ZeroF has advanced the development of PFAS free material solutions through two main chemistries: cellulose based fatty acid esters for packaging applications and silane based organic–inorganic hybrids for textile use. Across the project, workflows in both packaging and textile development followed a shared, structured approach, moving from chemical synthesis and design to formulation, coating application, performance testing, and prototype validation.
Significant progress was achieved in synthesizing biobased and organic–inorganic complexes, as well as developing various biobased waxes. A key outcome is a biobased coating system based on polysaccharide fatty acid esters, optimized through variations in polysaccharides, fatty acid chains, and substitution degrees. For textile applications, water based hybrid coatings have been formulated to increase hydrophobic and oleophobic performance while meeting end use requirements. Laboratory scale results already showed contact angles comparable to PFAS based systems, and larger scale application tests validated it. Oil repellence was evaluated by using typical oils used in daily life to ensure that the developed technology has a viable performance in the selected application.

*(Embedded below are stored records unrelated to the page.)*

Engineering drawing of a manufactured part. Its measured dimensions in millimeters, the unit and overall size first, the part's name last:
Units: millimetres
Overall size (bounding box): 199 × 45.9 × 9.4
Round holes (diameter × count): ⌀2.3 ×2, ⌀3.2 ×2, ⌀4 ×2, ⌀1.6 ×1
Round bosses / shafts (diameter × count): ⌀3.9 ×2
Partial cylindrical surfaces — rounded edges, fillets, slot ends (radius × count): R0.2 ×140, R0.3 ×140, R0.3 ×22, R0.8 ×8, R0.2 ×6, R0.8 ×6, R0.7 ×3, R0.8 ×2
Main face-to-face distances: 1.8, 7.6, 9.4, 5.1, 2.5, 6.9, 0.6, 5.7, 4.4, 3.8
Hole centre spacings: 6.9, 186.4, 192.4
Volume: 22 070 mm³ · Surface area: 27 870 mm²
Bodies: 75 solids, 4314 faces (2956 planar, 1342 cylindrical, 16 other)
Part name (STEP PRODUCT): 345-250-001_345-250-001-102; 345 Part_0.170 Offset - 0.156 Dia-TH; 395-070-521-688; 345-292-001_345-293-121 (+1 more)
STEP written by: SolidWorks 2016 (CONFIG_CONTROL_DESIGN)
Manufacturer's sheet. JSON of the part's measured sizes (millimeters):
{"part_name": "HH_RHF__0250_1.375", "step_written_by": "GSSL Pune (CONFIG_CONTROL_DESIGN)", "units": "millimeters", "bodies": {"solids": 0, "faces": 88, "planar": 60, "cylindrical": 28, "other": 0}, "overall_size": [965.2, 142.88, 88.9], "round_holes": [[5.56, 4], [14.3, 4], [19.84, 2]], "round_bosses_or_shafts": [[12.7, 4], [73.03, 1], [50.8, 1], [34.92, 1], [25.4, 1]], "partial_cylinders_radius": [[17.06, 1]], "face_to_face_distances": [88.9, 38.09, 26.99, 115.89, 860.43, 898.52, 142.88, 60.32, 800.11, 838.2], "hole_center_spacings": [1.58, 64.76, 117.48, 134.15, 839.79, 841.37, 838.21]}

On the packaging side, several batches of the optimized coating system were produced and shared between partners enabling different tests. New powder coating and dry coating processes were established, yielding promising results for water vapor barrier properties and Cobb performance, as well as enhanced oil barrier and KIT values. Parallel studies on biowaxes in wet processes clarified their role in both coatings and wet end additions.

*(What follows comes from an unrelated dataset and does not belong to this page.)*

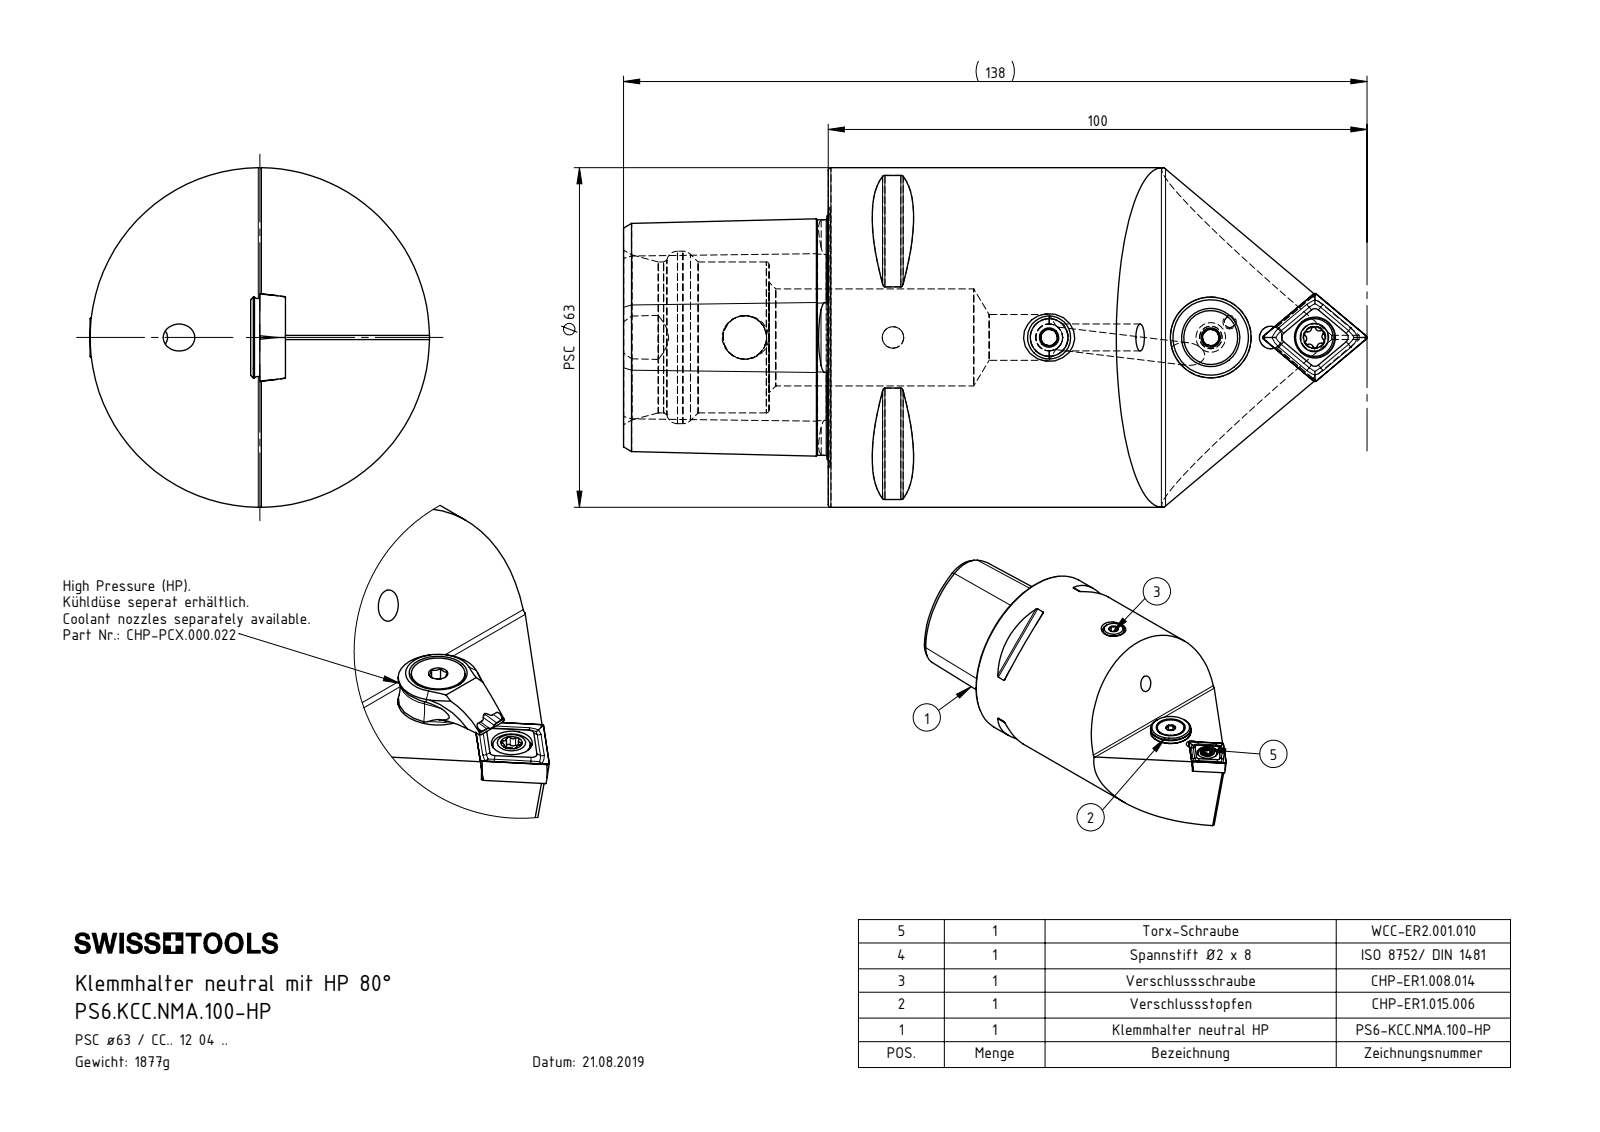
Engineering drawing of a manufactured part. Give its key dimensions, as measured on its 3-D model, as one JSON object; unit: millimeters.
{"part_name": "DIN 3771 - 13x1; CHP-ER1.015.006_A; PS6-KCC.NMA.100-HP_A; WCC-ER2.001.010_A (+6 more)", "step_written_by": "SolidWorks 2017 (AUTOMOTIVE_DESIGN)", "units": "millimeters", "bodies": {"solids": 8, "faces": 260, "planar": 86, "cylindrical": 59, "other": 115}, "overall_size": [137.78, 63.13, 63], "volume_mm3": 237307, "surface_area_mm2": 36255, "round_holes": [[4.2, 4], [5, 2], [1.2, 1], [2, 1], [2.5, 1], [3, 1], [4, 1], [5.2, 1], [5.5, 1], [7, 1], [7.6, 1], [8.1, 1]], "round_bosses_or_shafts": [[5, 2], [63, 1], [15, 1], [13.4, 1], [10, 1], [8, 1], [7, 1], [5.5, 1]], "partial_cylinders_radius": [[0.5, 10], [0.39, 6], [0.69, 3], [0.69, 3], [6, 1], [7, 1]], "face_to_face_distances": [55, 38, 93, 24.88, 4.5, 27, 11, 66, 4.46, 55.8], "hole_center_spacings": [4.5, 8.1, 8.2, 8.83, 12.25, 16.91, 17.01, 20.28]}

Throughout the project, collaboration among partners has been essential, ensuring efficient sharing of materials, coating batches, and data. The consortium also initiated full implementation cycle of the Safe and Sustainable by Design (SSbD) framework. This included environmental impact assessment via LCA, Life Cycle Costing, and Environmental Footprint methods, alongside toxicological evaluation grounded in regulatory mapping and Green Toxicology principles.
Computational modelling supported predictions of toxicological behaviour and performance, reducing the need for in vitro testing and supporting future certification and regulatory preparedness. All safety, sustainability, and performance data are integrated into the eNanoMapper FAIR database to ensure long term accessibility and reusability. In addition, the project developed SSbD models aligned with the European Commission’s recommended framework, ensuring adaptability to sectors beyond packaging and textiles.
Pilot scale activities included trials with 3D packaging, 3D textiles, and roll to roll upholstery fabrics. Continuous SSbD assessment, stakeholder engagement, certification planning, and dissemination activities have contributed to the project’s broader policy relevance, supporting the Green Deal, Chemicals Strategy for Sustainability, Zero Pollution, and the Circular Economy objectives.